Gilbert blinked. “Really?”

“Yeah. Major wimps. Anyway, they didn’t mess with you too much, right? —Wait, you said you were hanging out with them. They suck. You’re grounded. Vincent, take the pancakes back.”

“Gil said that they kicked him out and made fun of him, though, so you can’t ground him,” said Vincent.

“Sure I can,” said Alice. “Who’s gonna stop me? Oz?”

“Wait, is this because Oz said good morning to me and Vincent and not you?” Gilbert said, distressed.

“Wait, Vincent, Oz said good morning to you?!” 

“Yeah, first thing before you came down,” Vincent said, confused. What was this about?

“Ugh! You’re grounded too!” she declared. “For—doing psychedelics!”

“You’re just mad at us ‘cause Oz is mad at you,” said Vincent pityingly. “Poor Alice. How dull!”

Alice scowled at them both. Gilbert continued scarfing down his pancakes.

“Are you only able to deal with problems that you can punch away?” Vincent continued. “Is that it? Does Oz do everything else for you, because you’re such a helpless little baby?”
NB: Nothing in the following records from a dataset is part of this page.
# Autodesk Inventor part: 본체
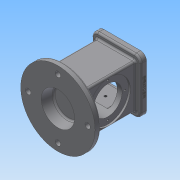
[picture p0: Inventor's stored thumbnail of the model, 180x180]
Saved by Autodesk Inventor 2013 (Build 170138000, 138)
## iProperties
Created: 2018-10
Part Number: 본체
Material: 일반
Document SubType Name: Modeling
Designer: Administrator
Density: 1 g/cm^3
Author: Administrator
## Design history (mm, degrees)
sketch "스케치2"
  geometry: L1 (-41, -46)-(41, -46); L2 (41, -46)-(41, 46); L3 (41, 46)-(-41, 46); L4 (-41, 46)-(-41, -46); L5 (-41, -46)-(41, 46); L6 (41, -46)-(-41, 46); 1 further point
  constraints: 12 end point, 2 midpoint, 2 parallel, 1 horizontal, 1 perpendicular
  dimensions: "d2" = 82 distance of L3.end L2.end; "d3" = 92 distance of L2.end L1.end
extrude "돌출1" new body sketch "스케치2" distance "d4" = 10; taper "d5" = 0 deg
sketch "스케치3"
  geometry: L1 (-33, -37)-(33, -37); L2 (33, -37)-(33, 37); L3 (33, 37)-(-33, 37); L4 (-33, 37)-(-33, -37); L5 (-33, -37)-(33, 37); L6 (33, -37)-(-33, 37); 1 further point
  constraints: 12 end point, 2 midpoint, 2 parallel, 1 horizontal, 1 perpendicular
  dimensions: "d6" = 66 distance of L3.end L2.end; "d7" = 74 distance of L2.end L1.end
extrude "돌출2" join sketch "스케치3" distance "d8" = 88; taper "d9" = 0 deg
sketch "스케치4"
  geometry: C1 r 62.5 at (0, 0); 1 further point
  constraints: 1 centre point, 1 coincident
  dimensions: "d10" = 125 diameter of C1
extrude "돌출3" join sketch "스케치4" distance "d11" = 10; taper "d12" = 0 deg
sketch "스케치5"
  geometry: L1 (-26, -26)-(26, -26); L2 (26, -26)-(26, 26); L3 (26, 26)-(-26, 26); L4 (-26, 26)-(-26, -26); L5 (-26, -26)-(26, 26); L6 (26, -26)-(-26, 26); 1 further point
  constraints: 12 end point, 2 midpoint, 2 parallel, 1 horizontal, 1 perpendicular
  dimensions: "d13" = 52 distance of L3.end L2.end; "d14" = 52 distance of L1.end L2.end
extrude "돌출4" cut sketch "스케치5" distance "d15" = 8; taper "d16" = 0 deg
sketch "스케치6"
  geometry: L1 (-22, -22)-(22, -22); L2 (22, -22)-(22, 22); L3 (22, 22)-(-22, 22); L4 (-22, 22)-(-22, -22); L5 (-22, -22)-(22, 22); L6 (22, -22)-(-22, 22); 1 further point
  constraints: 12 end point, 2 midpoint, 2 parallel, 1 horizontal, 1 perpendicular
  dimensions: "d17" = 44 distance of L3.end L2.end; "d18" = 44 distance of L2.end L1.end
extrude "돌출5" cut sketch "스케치6" distance "d19" = 74; taper "d20" = 0 deg
sketch "스케치7"
  geometry: L1 (-9, 10)-(83, 10) reference; L2 (-25.5, -98)-(99.5, -98) reference; C1 r 35 at (37, -44); 2 further points
  constraints: 1 centre point, 1 midpoint, 1 vertical alignment
  dimensions: "d21" = 70 diameter of C1; "d22" = 54 distance from line of C1.centre L2
extrude "돌출6" cut sketch "스케치7" distance "d23" = 3; taper "d24" = 0 deg
sketch "스케치8"
  geometry: C1 r 35 at (0, 0) reference; C2 r 24 at (0, 0); 1 further point
  constraints: 1 centre point, 1 coincident
  dimensions: "d25" = 48 diameter of C2
extrude "돌출7" cut sketch "스케치8" stored distance "d26" = 3; taper "d27" = 0 deg
sketch "스케치9"
  geometry: C1 r 62.5 at (0, 0) reference; C2 r 28 at (0, 0)
  constraints: 1 centre point, 1 coincident
  dimensions: "d28" = 56 diameter of C2
extrude "돌출8" cut sketch "스케치9" distance "d29" = 18; taper "d30" = -10 deg
sketch "스케치10"
  geometry: L1 (41, 46)-(-41, 46) reference; L2 (-41, 46)-(-41, -46) reference; 2 further points
  dimensions: "d31" = 10 distance from line of point (-31, 36) L1; "d32" = 10 distance from line of point (-31, 36) L2
hole "구멍1" sketch "스케치10" at (-31, 36) diameter "d33" = 3.242; stored, may be unused: countersink angle "d37" = 82 deg, drill point angle "d39" = 118 deg; dims "d34" = 4, "d35" = 3.023, "d36" = 2, "d38" = 6
sketch "스케치11" dims "d46" = 100
  geometry: C1 r 62.5 at (0, 0) reference; 2 further points
  constraints: 2 vertical alignment, 1 coincident, 2 other
hole "구멍2" sketch "스케치11" at (0, 50) diameter "d47" = 9; stored, may be unused: countersink angle "d51" = 82 deg, drill point angle "d53" = 118 deg; dims "d48" = 4, "d49" = 3.023, "d50" = 2, "d52" = 6
sketch "스케치12" dims "d57" = 58
  geometry: C1 r 35 at (0, 0) reference; 3 further points
  constraints: 2 vertical alignment, 1 coincident, 2 other
hole "구멍3" sketch "스케치12" at (0, 29) diameter "d58" = 3.242; stored, may be unused: countersink angle "d62" = 82 deg, drill point angle "d64" = 118 deg; dims "d59" = 4, "d60" = 3.023, "d61" = 2, "d63" = 6
sketch "스케치13"
  geometry: L1 (-29.5, -98)-(95.5, -98) reference; L2 (-8, 10)-(74, 10) reference; 3 further points
  constraints: 1 midpoint, 1 vertical alignment
  dimensions: "d68" = 37 distance from line of point (33, -61) L1
hole "구멍4" sketch "스케치13" at (33, -61) diameter "d69" = 4.134; stored, may be unused: countersink angle "d73" = 82 deg, drill point angle "d75" = 118 deg; dims "d70" = 20, "d71" = 3.023, "d72" = 2, "d74" = 20
sketch "스케치14"
  geometry: L1 (0, 0)-(92, 0) reference; L2 (0, 0)-(0, -10) reference; 2 further points
  constraints: 1 other
  dimensions: "d79" = 46 distance from line of point (46, -4) L2; "d80" = 4 distance from line of L1 point (46, -4)
feature "엠보싱1" sketch "스케치14" dims "d2" = 82, "d3" = 92, "d81" = 0.5, "d82" = 0
fillet "모깎기1" dims "d83" = 3
chamfer "모따기1" distance "d84" = 1; stored, may be unused: second distance "d85" = 2, angle "d86" = 45 deg
fillet "모깎기2" dims "d87" = 10
fillet "모깎기3" dims "d88" = 3
fillet "모깎기4" dims "d89" = 3
fillet "모깎기5" dims "d90" = 3
node "솔리드1"
mirror "대칭1"
pattern_linear "직사각형 패턴1" dims "d42" = 62, "d45" = 72
pattern_circular "원형 패턴1" dims angle "d55" = 360 deg
pattern_circular "원형 패턴2" dims angle "d66" = 360 deg
mirror "대칭2"
pattern_linear "직사각형 패턴2" dims "d78" = 43

Alice glowered at him; Vincent, bolstered by her anger, continued.

“How useless! And you call yourself Miss Mystery! My oh my. Poor silly Alice—”

Alice’s face went crimson. “You sound like that sewer rat, ” she spat, standing up.

“What sewer rat?” Gilbert called after her.

“Raven’s brother. Tried to kill me like ten times. Not important. You boys can drive yourselves home—I’m going to go fight the manotaurs!”

And then she was gone. Vincent laughed himself horizontal on the bench—it really had been ever so long since he’d annoyed someone so much they ran off without attacking him—as Gilbert continued on with the pancakes.

“I think we should walk back, not drive,” he said.

“Why?” asked Vincent, who was very excited to learn to drive and glad that Alice had left them with her car.

“I don’t want to crash,” said Gilbert. “Remember with the gnomes—”

“That was fun,” said Vincent. “I liked running over gnomes.”

“What if we run over humans next time though?” Gilbert worried.

Vincent’s first instinct was to say that that would be fun too, but then he remembered both that jail was a thing and that Noise lived in this town and if he got arrested for manslaughter he’d never hear the end of it.

“Alright,” he said. “We’ll walk. Maybe beating up the manotaurs’ll end Alice and Oz’s fight.”

“I hope so,” said Gilbert. “If they keep it up I think I’m going to vomit.”

“Do it in Alice’s pillow,” Vincent suggested, and they got up out of the diner and returned to the Mystery Shack.